What is required => Where "Lane" appears in a line of the entries below, that line should be copied.

Segment Start: Records for this exercise

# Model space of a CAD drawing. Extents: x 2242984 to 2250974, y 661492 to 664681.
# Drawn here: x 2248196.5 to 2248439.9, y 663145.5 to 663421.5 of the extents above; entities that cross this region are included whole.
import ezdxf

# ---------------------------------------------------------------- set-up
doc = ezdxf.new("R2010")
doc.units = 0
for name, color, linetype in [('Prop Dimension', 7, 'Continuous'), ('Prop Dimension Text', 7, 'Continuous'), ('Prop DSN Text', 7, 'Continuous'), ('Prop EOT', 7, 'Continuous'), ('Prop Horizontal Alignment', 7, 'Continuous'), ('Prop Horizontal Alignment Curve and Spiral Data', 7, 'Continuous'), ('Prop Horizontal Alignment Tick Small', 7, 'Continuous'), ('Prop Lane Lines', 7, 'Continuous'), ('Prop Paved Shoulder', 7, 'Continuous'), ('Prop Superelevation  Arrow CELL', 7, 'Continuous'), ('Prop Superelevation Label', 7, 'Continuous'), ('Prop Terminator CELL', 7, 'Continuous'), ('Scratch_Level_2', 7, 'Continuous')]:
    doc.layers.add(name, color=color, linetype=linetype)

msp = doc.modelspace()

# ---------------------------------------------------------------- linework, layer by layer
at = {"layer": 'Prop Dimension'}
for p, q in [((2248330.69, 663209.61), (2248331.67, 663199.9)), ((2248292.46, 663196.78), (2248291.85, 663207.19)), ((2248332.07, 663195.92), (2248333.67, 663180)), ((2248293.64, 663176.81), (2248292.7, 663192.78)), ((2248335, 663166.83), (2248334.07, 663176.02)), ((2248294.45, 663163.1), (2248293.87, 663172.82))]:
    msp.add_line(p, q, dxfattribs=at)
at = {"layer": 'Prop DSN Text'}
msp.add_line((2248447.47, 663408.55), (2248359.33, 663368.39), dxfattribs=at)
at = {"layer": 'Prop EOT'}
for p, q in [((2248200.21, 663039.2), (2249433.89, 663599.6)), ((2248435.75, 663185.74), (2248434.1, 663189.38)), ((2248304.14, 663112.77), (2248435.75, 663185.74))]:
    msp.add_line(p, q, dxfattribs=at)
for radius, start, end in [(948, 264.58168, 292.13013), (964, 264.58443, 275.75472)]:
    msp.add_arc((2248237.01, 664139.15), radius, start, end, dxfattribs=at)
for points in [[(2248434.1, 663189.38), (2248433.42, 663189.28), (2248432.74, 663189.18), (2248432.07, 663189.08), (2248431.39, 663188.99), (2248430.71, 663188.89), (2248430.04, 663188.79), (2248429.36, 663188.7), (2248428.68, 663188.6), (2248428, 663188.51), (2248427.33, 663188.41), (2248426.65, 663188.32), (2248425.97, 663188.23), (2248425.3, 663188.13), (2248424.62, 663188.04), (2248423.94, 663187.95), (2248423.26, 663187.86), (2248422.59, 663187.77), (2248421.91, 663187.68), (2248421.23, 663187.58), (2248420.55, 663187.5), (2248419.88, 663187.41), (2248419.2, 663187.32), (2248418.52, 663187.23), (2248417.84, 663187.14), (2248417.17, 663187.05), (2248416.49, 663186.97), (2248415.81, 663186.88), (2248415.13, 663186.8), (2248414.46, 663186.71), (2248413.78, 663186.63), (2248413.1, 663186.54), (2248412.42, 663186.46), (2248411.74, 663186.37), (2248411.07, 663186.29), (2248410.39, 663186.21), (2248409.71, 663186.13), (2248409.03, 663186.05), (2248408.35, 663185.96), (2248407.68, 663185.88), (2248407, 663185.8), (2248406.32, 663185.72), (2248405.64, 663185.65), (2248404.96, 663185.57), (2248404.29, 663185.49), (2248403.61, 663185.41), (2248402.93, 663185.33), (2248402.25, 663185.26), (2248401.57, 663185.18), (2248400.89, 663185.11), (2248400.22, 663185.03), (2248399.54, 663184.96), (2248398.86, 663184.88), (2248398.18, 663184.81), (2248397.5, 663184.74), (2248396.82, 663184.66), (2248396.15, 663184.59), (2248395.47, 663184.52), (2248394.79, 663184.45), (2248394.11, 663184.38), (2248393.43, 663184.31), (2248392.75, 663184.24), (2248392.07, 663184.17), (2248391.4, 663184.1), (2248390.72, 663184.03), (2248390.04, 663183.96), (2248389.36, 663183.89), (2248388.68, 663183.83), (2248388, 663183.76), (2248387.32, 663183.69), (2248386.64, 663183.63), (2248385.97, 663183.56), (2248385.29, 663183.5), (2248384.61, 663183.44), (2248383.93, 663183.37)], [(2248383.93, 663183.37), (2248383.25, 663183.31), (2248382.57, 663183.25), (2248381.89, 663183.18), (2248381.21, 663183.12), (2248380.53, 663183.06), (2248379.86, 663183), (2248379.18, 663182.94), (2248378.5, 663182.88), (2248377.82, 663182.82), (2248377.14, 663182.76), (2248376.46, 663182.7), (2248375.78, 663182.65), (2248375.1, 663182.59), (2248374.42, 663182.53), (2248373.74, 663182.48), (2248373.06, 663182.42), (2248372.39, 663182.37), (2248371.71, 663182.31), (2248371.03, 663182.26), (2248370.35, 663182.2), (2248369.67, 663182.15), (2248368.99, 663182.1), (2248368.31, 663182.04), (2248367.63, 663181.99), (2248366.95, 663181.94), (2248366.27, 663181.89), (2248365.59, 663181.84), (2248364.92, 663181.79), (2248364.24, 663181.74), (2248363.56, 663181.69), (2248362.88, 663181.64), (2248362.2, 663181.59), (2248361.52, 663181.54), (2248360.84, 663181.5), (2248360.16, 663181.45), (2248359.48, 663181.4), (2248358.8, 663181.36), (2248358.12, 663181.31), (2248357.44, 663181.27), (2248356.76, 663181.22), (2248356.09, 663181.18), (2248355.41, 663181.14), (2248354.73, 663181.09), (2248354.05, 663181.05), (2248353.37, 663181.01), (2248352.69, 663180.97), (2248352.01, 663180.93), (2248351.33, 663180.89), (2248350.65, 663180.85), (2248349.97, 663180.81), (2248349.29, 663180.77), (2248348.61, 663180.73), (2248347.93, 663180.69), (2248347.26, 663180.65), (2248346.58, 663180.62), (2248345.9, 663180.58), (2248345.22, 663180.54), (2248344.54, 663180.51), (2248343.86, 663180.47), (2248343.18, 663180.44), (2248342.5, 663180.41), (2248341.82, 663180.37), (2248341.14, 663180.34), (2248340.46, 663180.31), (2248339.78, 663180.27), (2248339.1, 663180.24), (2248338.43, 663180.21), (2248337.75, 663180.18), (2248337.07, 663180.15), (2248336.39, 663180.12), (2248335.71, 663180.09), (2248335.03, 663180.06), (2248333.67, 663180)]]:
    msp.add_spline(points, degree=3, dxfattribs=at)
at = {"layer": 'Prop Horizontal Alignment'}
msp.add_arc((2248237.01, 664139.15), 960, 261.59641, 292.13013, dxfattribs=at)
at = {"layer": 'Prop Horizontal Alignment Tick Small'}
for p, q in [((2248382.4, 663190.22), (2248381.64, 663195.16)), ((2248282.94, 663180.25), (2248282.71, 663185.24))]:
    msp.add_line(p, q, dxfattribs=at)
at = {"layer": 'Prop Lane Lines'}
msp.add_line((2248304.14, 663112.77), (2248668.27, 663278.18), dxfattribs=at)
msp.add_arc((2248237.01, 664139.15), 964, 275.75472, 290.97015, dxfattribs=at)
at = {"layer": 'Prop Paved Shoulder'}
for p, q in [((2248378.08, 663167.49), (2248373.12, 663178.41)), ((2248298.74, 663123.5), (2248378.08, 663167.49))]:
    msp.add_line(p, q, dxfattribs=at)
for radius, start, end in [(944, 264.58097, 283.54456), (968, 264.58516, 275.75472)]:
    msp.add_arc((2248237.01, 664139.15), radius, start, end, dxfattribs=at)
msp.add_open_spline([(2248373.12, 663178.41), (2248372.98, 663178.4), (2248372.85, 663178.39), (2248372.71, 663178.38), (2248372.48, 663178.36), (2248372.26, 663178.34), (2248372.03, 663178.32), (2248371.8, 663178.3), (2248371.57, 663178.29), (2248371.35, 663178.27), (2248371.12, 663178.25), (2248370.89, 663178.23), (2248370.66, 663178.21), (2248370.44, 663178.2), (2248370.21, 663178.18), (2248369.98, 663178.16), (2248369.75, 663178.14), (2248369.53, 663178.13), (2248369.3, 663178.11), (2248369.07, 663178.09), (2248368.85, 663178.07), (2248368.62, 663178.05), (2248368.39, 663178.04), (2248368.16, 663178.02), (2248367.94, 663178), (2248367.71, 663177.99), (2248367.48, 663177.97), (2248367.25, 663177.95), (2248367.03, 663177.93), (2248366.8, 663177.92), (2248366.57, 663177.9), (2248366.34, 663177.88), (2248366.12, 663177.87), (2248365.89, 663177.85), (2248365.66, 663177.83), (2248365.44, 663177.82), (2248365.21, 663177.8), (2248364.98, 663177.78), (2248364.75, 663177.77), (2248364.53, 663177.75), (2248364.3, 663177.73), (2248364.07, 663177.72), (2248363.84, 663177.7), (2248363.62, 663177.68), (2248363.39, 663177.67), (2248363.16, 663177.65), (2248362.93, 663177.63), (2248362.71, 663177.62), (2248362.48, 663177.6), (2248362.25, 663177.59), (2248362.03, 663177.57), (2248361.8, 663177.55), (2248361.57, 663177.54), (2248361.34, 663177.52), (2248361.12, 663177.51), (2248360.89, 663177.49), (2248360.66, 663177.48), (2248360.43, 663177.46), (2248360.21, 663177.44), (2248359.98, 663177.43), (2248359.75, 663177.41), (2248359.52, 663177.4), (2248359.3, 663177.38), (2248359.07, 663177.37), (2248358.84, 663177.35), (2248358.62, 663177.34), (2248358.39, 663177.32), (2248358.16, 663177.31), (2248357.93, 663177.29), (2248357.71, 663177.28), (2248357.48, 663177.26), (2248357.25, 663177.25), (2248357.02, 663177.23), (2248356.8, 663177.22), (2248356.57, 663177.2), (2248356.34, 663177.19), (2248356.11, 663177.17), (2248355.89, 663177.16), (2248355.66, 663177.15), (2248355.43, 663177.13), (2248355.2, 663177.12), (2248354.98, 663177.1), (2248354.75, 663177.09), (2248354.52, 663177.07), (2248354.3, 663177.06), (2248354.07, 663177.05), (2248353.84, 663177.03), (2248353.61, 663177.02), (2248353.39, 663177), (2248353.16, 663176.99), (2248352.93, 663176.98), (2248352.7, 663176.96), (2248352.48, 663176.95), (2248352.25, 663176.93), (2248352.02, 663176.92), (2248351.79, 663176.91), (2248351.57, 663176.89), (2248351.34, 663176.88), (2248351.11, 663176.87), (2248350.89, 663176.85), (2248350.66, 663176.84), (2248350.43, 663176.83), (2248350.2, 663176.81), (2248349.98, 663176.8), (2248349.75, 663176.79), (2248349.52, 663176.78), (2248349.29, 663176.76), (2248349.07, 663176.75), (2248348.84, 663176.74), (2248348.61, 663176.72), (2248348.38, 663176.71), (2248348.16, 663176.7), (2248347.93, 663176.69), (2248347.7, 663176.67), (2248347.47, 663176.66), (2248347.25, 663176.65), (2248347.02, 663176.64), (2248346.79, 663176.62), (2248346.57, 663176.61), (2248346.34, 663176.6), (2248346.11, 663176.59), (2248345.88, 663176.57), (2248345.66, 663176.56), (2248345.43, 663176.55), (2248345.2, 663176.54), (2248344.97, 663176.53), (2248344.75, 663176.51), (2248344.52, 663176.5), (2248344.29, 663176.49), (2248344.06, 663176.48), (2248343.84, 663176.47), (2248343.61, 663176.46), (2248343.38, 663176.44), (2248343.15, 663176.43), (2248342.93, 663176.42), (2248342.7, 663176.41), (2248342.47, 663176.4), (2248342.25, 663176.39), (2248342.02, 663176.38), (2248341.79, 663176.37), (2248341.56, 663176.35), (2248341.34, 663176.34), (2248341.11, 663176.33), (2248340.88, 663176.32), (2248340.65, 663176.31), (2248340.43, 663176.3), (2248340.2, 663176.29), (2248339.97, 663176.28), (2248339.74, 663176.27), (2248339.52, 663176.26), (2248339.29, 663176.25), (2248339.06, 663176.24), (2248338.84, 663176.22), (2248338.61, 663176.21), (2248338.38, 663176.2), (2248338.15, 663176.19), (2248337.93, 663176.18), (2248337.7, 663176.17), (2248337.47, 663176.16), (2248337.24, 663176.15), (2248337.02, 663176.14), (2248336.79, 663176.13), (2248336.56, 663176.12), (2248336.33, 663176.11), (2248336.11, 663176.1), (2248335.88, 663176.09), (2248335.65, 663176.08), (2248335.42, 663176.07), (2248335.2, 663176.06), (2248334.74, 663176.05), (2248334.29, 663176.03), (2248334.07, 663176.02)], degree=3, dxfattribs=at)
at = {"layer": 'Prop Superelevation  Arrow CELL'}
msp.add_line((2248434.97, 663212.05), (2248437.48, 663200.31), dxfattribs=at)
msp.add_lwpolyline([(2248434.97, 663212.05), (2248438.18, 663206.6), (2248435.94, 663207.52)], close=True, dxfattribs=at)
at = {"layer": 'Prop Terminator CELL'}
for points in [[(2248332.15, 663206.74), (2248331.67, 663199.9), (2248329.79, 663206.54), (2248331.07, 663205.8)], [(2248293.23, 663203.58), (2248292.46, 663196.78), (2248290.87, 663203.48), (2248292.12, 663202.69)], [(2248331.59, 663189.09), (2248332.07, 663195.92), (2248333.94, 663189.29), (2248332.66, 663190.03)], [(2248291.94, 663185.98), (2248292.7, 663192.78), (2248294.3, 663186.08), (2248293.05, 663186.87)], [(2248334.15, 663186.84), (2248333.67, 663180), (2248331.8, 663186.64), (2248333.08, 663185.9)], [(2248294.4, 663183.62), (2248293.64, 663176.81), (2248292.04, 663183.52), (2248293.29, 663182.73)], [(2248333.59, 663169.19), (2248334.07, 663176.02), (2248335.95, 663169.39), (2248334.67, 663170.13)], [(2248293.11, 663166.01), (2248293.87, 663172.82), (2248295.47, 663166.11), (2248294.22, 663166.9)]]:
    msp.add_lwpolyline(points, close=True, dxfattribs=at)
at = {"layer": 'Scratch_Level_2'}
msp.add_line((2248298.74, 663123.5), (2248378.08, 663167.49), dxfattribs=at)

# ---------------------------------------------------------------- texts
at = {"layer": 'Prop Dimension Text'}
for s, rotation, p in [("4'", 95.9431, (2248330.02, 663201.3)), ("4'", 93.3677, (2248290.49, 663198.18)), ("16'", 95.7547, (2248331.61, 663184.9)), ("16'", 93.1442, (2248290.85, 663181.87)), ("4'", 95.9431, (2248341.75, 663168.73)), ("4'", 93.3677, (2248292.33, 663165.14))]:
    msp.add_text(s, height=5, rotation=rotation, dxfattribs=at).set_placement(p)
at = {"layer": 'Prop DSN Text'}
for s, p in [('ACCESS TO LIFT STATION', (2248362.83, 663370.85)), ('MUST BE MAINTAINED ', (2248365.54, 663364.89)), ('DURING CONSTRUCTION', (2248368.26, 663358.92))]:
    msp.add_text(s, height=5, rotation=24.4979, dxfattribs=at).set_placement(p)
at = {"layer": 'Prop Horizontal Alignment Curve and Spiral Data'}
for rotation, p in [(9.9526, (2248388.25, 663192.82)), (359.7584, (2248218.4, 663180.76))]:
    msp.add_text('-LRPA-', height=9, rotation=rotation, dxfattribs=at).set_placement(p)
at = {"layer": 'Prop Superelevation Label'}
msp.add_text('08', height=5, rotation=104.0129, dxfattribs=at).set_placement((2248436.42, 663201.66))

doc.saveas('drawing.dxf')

Segment End: Records for this exercise

Answer for the task =>
for name, color, linetype in [('Prop Dimension', 7, 'Continuous'), ('Prop Dimension Text', 7, 'Continuous'), ('Prop DSN Text', 7, 'Continuous'), ('Prop EOT', 7, 'Continuous'), ('Prop Horizontal Alignment', 7, 'Continuous'), ('Prop Horizontal Alignment Curve and Spiral Data', 7, 'Continuous'), ('Prop Horizontal Alignment Tick Small', 7, 'Continuous'), ('Prop Lane Lines', 7, 'Continuous'), ('Prop Paved Shoulder', 7, 'Continuous'), ('Prop Superelevation  Arrow CELL', 7, 'Continuous'), ('Prop Superelevation Label', 7, 'Continuous'), ('Prop Terminator CELL', 7, 'Continuous'), ('Scratch_Level_2', 7, 'Continuous')]:
at = {"layer": 'Prop Lane Lines'}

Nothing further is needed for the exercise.